Exercise requirements.
All that should appear is the line containing "#19373 = EDGE_CURVE" and the lines after it in the records below, each reproduced exactly.
+++++
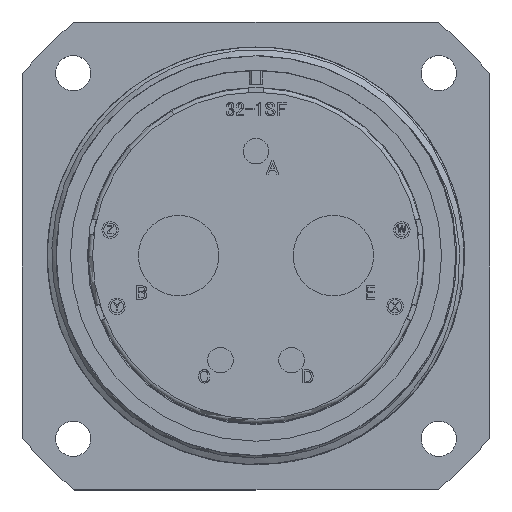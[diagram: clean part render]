
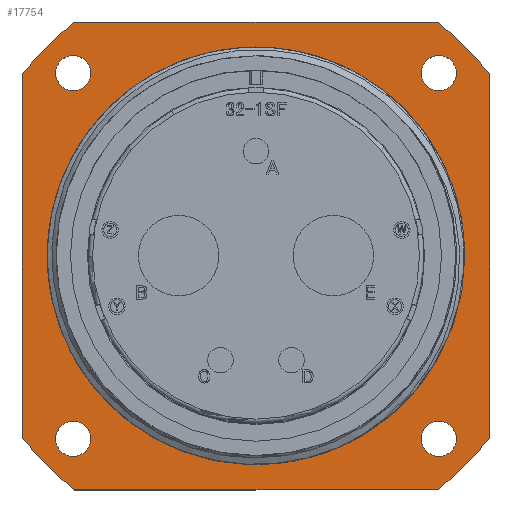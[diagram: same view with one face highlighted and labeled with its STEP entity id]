
A CAD part, top view. The second image highlights one B-rep face of the part: STEP entity #17754.
In plain terms, the highlighted planar face has unit normal (0, 0, 1).
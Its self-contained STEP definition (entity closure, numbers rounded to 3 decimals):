
#70 = FACE_BOUND ( 'NONE', #11928, .T. ) ;
#612 = AXIS2_PLACEMENT_3D ( 'NONE', #27359, #22939, #16564 ) ;
#1085 = FACE_BOUND ( 'NONE', #10153, .T. ) ;
#1954 = VERTEX_POINT ( 'NONE', #6084 ) ;
#2079 = AXIS2_PLACEMENT_3D ( 'NONE', #9412, #24496, #11592 ) ;
#2088 = FACE_OUTER_BOUND ( 'NONE', #9133, .T. ) ;
#2106 = ORIENTED_EDGE ( 'NONE', *, *, #27955, .F. ) ;
#2226 = DIRECTION ( 'NONE',  ( 1., 0., 0. ) ) ;
#2342 = VECTOR ( 'NONE', #19134, 1000. ) ;
#2668 = DIRECTION ( 'NONE',  ( 0., 0., 1. ) ) ;
#3147 = VERTEX_POINT ( 'NONE', #7499 ) ;
#3341 = AXIS2_PLACEMENT_3D ( 'NONE', #24851, #26928, #22784 ) ;
#3880 = VERTEX_POINT ( 'NONE', #22207 ) ;
#4613 = DIRECTION ( 'NONE',  ( 0., 0., 1. ) ) ;
#4856 = DIRECTION ( 'NONE',  ( 1., 0., 0. ) ) ;
#5010 = ORIENTED_EDGE ( 'NONE', *, *, #20428, .F. ) ;
#5076 = VERTEX_POINT ( 'NONE', #27268 ) ;
#5521 = DIRECTION ( 'NONE',  ( 0., 0., 1. ) ) ;
#5614 = ORIENTED_EDGE ( 'NONE', *, *, #14284, .F. ) ;
#5782 = ORIENTED_EDGE ( 'NONE', *, *, #19421, .T. ) ;
#6084 = CARTESIAN_POINT ( 'NONE',  ( -22.059, -28.45, -22.4 ) ) ;
#6356 = EDGE_CURVE ( 'NONE', #11902, #3880, #8085, .T. ) ;
#6465 = CARTESIAN_POINT ( 'NONE',  ( 22.059, 28.45, -22.4 ) ) ;
#6710 = ORIENTED_EDGE ( 'NONE', *, *, #24915, .F. ) ;
#6860 = VERTEX_POINT ( 'NONE', #18551 ) ;
#6940 = CIRCLE ( 'NONE', #8405, 2.135 ) ;
#7108 = VERTEX_POINT ( 'NONE', #22935 ) ;
#7183 = CARTESIAN_POINT ( 'NONE',  ( -22.225, 22.225, -22.4 ) ) ;
#7380 = DIRECTION ( 'NONE',  ( 1., 0., 0. ) ) ;
#7414 = CARTESIAN_POINT ( 'NONE',  ( 0., 0., -22.4 ) ) ;
#7428 = AXIS2_PLACEMENT_3D ( 'NONE', #14870, #14961, #16489 ) ;
#7499 = CARTESIAN_POINT ( 'NONE',  ( 28.45, -22.059, -22.4 ) ) ;
#7908 = CIRCLE ( 'NONE', #25648, 36. ) ;
#8085 = LINE ( 'NONE', #12441, #2342 ) ;
#8210 = CARTESIAN_POINT ( 'NONE',  ( 25.38, 0., -22.4 ) ) ;
#8405 = AXIS2_PLACEMENT_3D ( 'NONE', #27933, #8608, #17147 ) ;
#8608 = DIRECTION ( 'NONE',  ( 0., 0., 1. ) ) ;
#8612 = LINE ( 'NONE', #18057, #13024 ) ;
#8638 = EDGE_LOOP ( 'NONE', ( #5010 ) ) ;
#9133 = EDGE_LOOP ( 'NONE', ( #26695, #23628, #20089, #5614, #5782, #24178, #10041, #2106 ) ) ;
#9401 = CIRCLE ( 'NONE', #21752, 25.38 ) ;
#9412 = CARTESIAN_POINT ( 'NONE',  ( 22.225, 22.225, -22.4 ) ) ;
#9938 = CARTESIAN_POINT ( 'NONE',  ( 0., 0., -22.4 ) ) ;
#10041 = ORIENTED_EDGE ( 'NONE', *, *, #26138, .T. ) ;
#10153 = EDGE_LOOP ( 'NONE', ( #24584 ) ) ;
#10294 = CARTESIAN_POINT ( 'NONE',  ( 24.36, -22.225, -22.4 ) ) ;
#10477 = AXIS2_PLACEMENT_3D ( 'NONE', #7183, #15995, #7380 ) ;
#10858 = FACE_BOUND ( 'NONE', #14569, .T. ) ;
#11563 = EDGE_LOOP ( 'NONE', ( #6710 ) ) ;
#11592 = DIRECTION ( 'NONE',  ( -1., 0., 0. ) ) ;
#11902 = VERTEX_POINT ( 'NONE', #18763 ) ;
#11923 = CIRCLE ( 'NONE', #22986, 36. ) ;
#11928 = EDGE_LOOP ( 'NONE', ( #19859 ) ) ;
#12159 = EDGE_CURVE ( 'NONE', #12859, #12859, #24564, .T. ) ;
#12276 = CARTESIAN_POINT ( 'NONE',  ( -22.059, 28.45, -22.4 ) ) ;
#12438 = CARTESIAN_POINT ( 'NONE',  ( 28.45, 22.059, -22.4 ) ) ;
#12441 = CARTESIAN_POINT ( 'NONE',  ( -28.45, 22.059, -22.4 ) ) ;
#12490 = VERTEX_POINT ( 'NONE', #6465 ) ;
#12859 = VERTEX_POINT ( 'NONE', #10294 ) ;
#13024 = VECTOR ( 'NONE', #16000, 1000. ) ;
#13384 = AXIS2_PLACEMENT_3D ( 'NONE', #17789, #2668, #4856 ) ;
#13995 = LINE ( 'NONE', #12438, #22386 ) ;
#14198 = PLANE ( 'NONE',  #612 ) ;
#14226 = VERTEX_POINT ( 'NONE', #8210 ) ;
#14284 = EDGE_CURVE ( 'NONE', #6860, #1954, #8612, .T. ) ;
#14393 = DIRECTION ( 'NONE',  ( 1., 0., 0. ) ) ;
#14418 = CARTESIAN_POINT ( 'NONE',  ( 28.45, 22.059, -22.4 ) ) ;
#14569 = EDGE_LOOP ( 'NONE', ( #16523 ) ) ;
#14603 = DIRECTION ( 'NONE',  ( 0., -1., 0. ) ) ;
#14870 = CARTESIAN_POINT ( 'NONE',  ( 0., 0., -22.4 ) ) ;
#14961 = DIRECTION ( 'NONE',  ( 0., 0., 1. ) ) ;
#15198 = CARTESIAN_POINT ( 'NONE',  ( 0., 0., -22.4 ) ) ;
#15645 = DIRECTION ( 'NONE',  ( 0., 0., 1. ) ) ;
#15995 = DIRECTION ( 'NONE',  ( 0., 0., 1. ) ) ;
#16000 = DIRECTION ( 'NONE',  ( -1., 0., 0. ) ) ;
#16032 = CIRCLE ( 'NONE', #10477, 2.135 ) ;
#16489 = DIRECTION ( 'NONE',  ( 1., 0., 0. ) ) ;
#16523 = ORIENTED_EDGE ( 'NONE', *, *, #21661, .F. ) ;
#16564 = DIRECTION ( 'NONE',  ( -1., 0., 0. ) ) ;
#16714 = EDGE_CURVE ( 'NONE', #17347, #3147, #13995, .T. ) ;
#16878 = EDGE_CURVE ( 'NONE', #22321, #3880, #11923, .T. ) ;
#17147 = DIRECTION ( 'NONE',  ( -1., 0., 0. ) ) ;
#17347 = VERTEX_POINT ( 'NONE', #14418 ) ;
#17633 = FACE_BOUND ( 'NONE', #8638, .T. ) ;
#17655 = CIRCLE ( 'NONE', #7428, 36. ) ;
#17754 = ADVANCED_FACE ( 'NONE', ( #1085, #10858, #17633, #22684, #70, #2088 ), #14198, .F. ) ;
#17789 = CARTESIAN_POINT ( 'NONE',  ( 22.225, -22.225, -22.4 ) ) ;
#18057 = CARTESIAN_POINT ( 'NONE',  ( 22.059, -28.45, -22.4 ) ) ;
#18258 = DIRECTION ( 'NONE',  ( 1., 0., 0. ) ) ;
#18551 = CARTESIAN_POINT ( 'NONE',  ( 22.059, -28.45, -22.4 ) ) ;
#18763 = CARTESIAN_POINT ( 'NONE',  ( -28.45, -22.059, -22.4 ) ) ;
#18814 = CARTESIAN_POINT ( 'NONE',  ( -24.36, -22.225, -22.4 ) ) ;
#18940 = LINE ( 'NONE', #20323, #23632 ) ;
#19134 = DIRECTION ( 'NONE',  ( 0., 1., 0. ) ) ;
#19373 = EDGE_CURVE ( 'NONE', #14226, #14226, #9401, .T. ) ;
#19421 = EDGE_CURVE ( 'NONE', #6860, #3147, #21565, .T. ) ;
#19859 = ORIENTED_EDGE ( 'NONE', *, *, #19373, .F. ) ;
#20089 = ORIENTED_EDGE ( 'NONE', *, *, #22772, .T. ) ;
#20323 = CARTESIAN_POINT ( 'NONE',  ( 22.059, 28.45, -22.4 ) ) ;
#20428 = EDGE_CURVE ( 'NONE', #7108, #7108, #25213, .T. ) ;
#21565 = CIRCLE ( 'NONE', #3341, 36. ) ;
#21661 = EDGE_CURVE ( 'NONE', #26658, #26658, #6940, .T. ) ;
#21752 = AXIS2_PLACEMENT_3D ( 'NONE', #7414, #15645, #22507 ) ;
#22207 = CARTESIAN_POINT ( 'NONE',  ( -28.45, 22.059, -22.4 ) ) ;
#22321 = VERTEX_POINT ( 'NONE', #12276 ) ;
#22386 = VECTOR ( 'NONE', #14603, 1000. ) ;
#22507 = DIRECTION ( 'NONE',  ( 1., 0., 0. ) ) ;
#22684 = FACE_BOUND ( 'NONE', #11563, .T. ) ;
#22772 = EDGE_CURVE ( 'NONE', #11902, #1954, #7908, .T. ) ;
#22784 = DIRECTION ( 'NONE',  ( 1., 0., 0. ) ) ;
#22935 = CARTESIAN_POINT ( 'NONE',  ( 20.09, 22.225, -22.4 ) ) ;
#22939 = DIRECTION ( 'NONE',  ( 0., 0., -1. ) ) ;
#22986 = AXIS2_PLACEMENT_3D ( 'NONE', #9938, #5521, #14393 ) ;
#23628 = ORIENTED_EDGE ( 'NONE', *, *, #6356, .F. ) ;
#23632 = VECTOR ( 'NONE', #18258, 1000. ) ;
#24178 = ORIENTED_EDGE ( 'NONE', *, *, #16714, .F. ) ;
#24496 = DIRECTION ( 'NONE',  ( 0., 0., 1. ) ) ;
#24564 = CIRCLE ( 'NONE', #13384, 2.135 ) ;
#24584 = ORIENTED_EDGE ( 'NONE', *, *, #12159, .F. ) ;
#24851 = CARTESIAN_POINT ( 'NONE',  ( 0., 0., -22.4 ) ) ;
#24915 = EDGE_CURVE ( 'NONE', #5076, #5076, #16032, .T. ) ;
#25213 = CIRCLE ( 'NONE', #2079, 2.135 ) ;
#25648 = AXIS2_PLACEMENT_3D ( 'NONE', #15198, #4613, #2226 ) ;
#26138 = EDGE_CURVE ( 'NONE', #17347, #12490, #17655, .T. ) ;
#26658 = VERTEX_POINT ( 'NONE', #18814 ) ;
#26695 = ORIENTED_EDGE ( 'NONE', *, *, #16878, .T. ) ;
#26928 = DIRECTION ( 'NONE',  ( 0., 0., 1. ) ) ;
#27268 = CARTESIAN_POINT ( 'NONE',  ( -20.09, 22.225, -22.4 ) ) ;
#27359 = CARTESIAN_POINT ( 'NONE',  ( 0., 25.38, -22.4 ) ) ;
#27933 = CARTESIAN_POINT ( 'NONE',  ( -22.225, -22.225, -22.4 ) ) ;
#27955 = EDGE_CURVE ( 'NONE', #22321, #12490, #18940, .T. ) ;
+++++
The answer.
#19373 = EDGE_CURVE ( 'NONE', #14226, #14226, #9401, .T. ) ;
#19421 = EDGE_CURVE ( 'NONE', #6860, #3147, #21565, .T. ) ;
#19859 = ORIENTED_EDGE ( 'NONE', *, *, #19373, .F. ) ;
#20089 = ORIENTED_EDGE ( 'NONE', *, *, #22772, .T. ) ;
#20323 = CARTESIAN_POINT ( 'NONE',  ( 22.059, 28.45, -22.4 ) ) ;
#20428 = EDGE_CURVE ( 'NONE', #7108, #7108, #25213, .T. ) ;
#21565 = CIRCLE ( 'NONE', #3341, 36. ) ;
#21661 = EDGE_CURVE ( 'NONE', #26658, #26658, #6940, .T. ) ;
#21752 = AXIS2_PLACEMENT_3D ( 'NONE', #7414, #15645, #22507 ) ;
#22207 = CARTESIAN_POINT ( 'NONE',  ( -28.45, 22.059, -22.4 ) ) ;
#22321 = VERTEX_POINT ( 'NONE', #12276 ) ;
#22386 = VECTOR ( 'NONE', #14603, 1000. ) ;
#22507 = DIRECTION ( 'NONE',  ( 1., 0., 0. ) ) ;
#22684 = FACE_BOUND ( 'NONE', #11563, .T. ) ;
#22772 = EDGE_CURVE ( 'NONE', #11902, #1954, #7908, .T. ) ;
#22784 = DIRECTION ( 'NONE',  ( 1., 0., 0. ) ) ;
#22935 = CARTESIAN_POINT ( 'NONE',  ( 20.09, 22.225, -22.4 ) ) ;
#22939 = DIRECTION ( 'NONE',  ( 0., 0., -1. ) ) ;
#22986 = AXIS2_PLACEMENT_3D ( 'NONE', #9938, #5521, #14393 ) ;
#23628 = ORIENTED_EDGE ( 'NONE', *, *, #6356, .F. ) ;
#23632 = VECTOR ( 'NONE', #18258, 1000. ) ;
#24178 = ORIENTED_EDGE ( 'NONE', *, *, #16714, .F. ) ;
#24496 = DIRECTION ( 'NONE',  ( 0., 0., 1. ) ) ;
#24564 = CIRCLE ( 'NONE', #13384, 2.135 ) ;
#24584 = ORIENTED_EDGE ( 'NONE', *, *, #12159, .F. ) ;
#24851 = CARTESIAN_POINT ( 'NONE',  ( 0., 0., -22.4 ) ) ;
#24915 = EDGE_CURVE ( 'NONE', #5076, #5076, #16032, .T. ) ;
#25213 = CIRCLE ( 'NONE', #2079, 2.135 ) ;
#25648 = AXIS2_PLACEMENT_3D ( 'NONE', #15198, #4613, #2226 ) ;
#26138 = EDGE_CURVE ( 'NONE', #17347, #12490, #17655, .T. ) ;
#26658 = VERTEX_POINT ( 'NONE', #18814 ) ;
#26695 = ORIENTED_EDGE ( 'NONE', *, *, #16878, .T. ) ;
#26928 = DIRECTION ( 'NONE',  ( 0., 0., 1. ) ) ;
#27268 = CARTESIAN_POINT ( 'NONE',  ( -20.09, 22.225, -22.4 ) ) ;
#27359 = CARTESIAN_POINT ( 'NONE',  ( 0., 25.38, -22.4 ) ) ;
#27933 = CARTESIAN_POINT ( 'NONE',  ( -22.225, -22.225, -22.4 ) ) ;
#27955 = EDGE_CURVE ( 'NONE', #22321, #12490, #18940, .T. ) ;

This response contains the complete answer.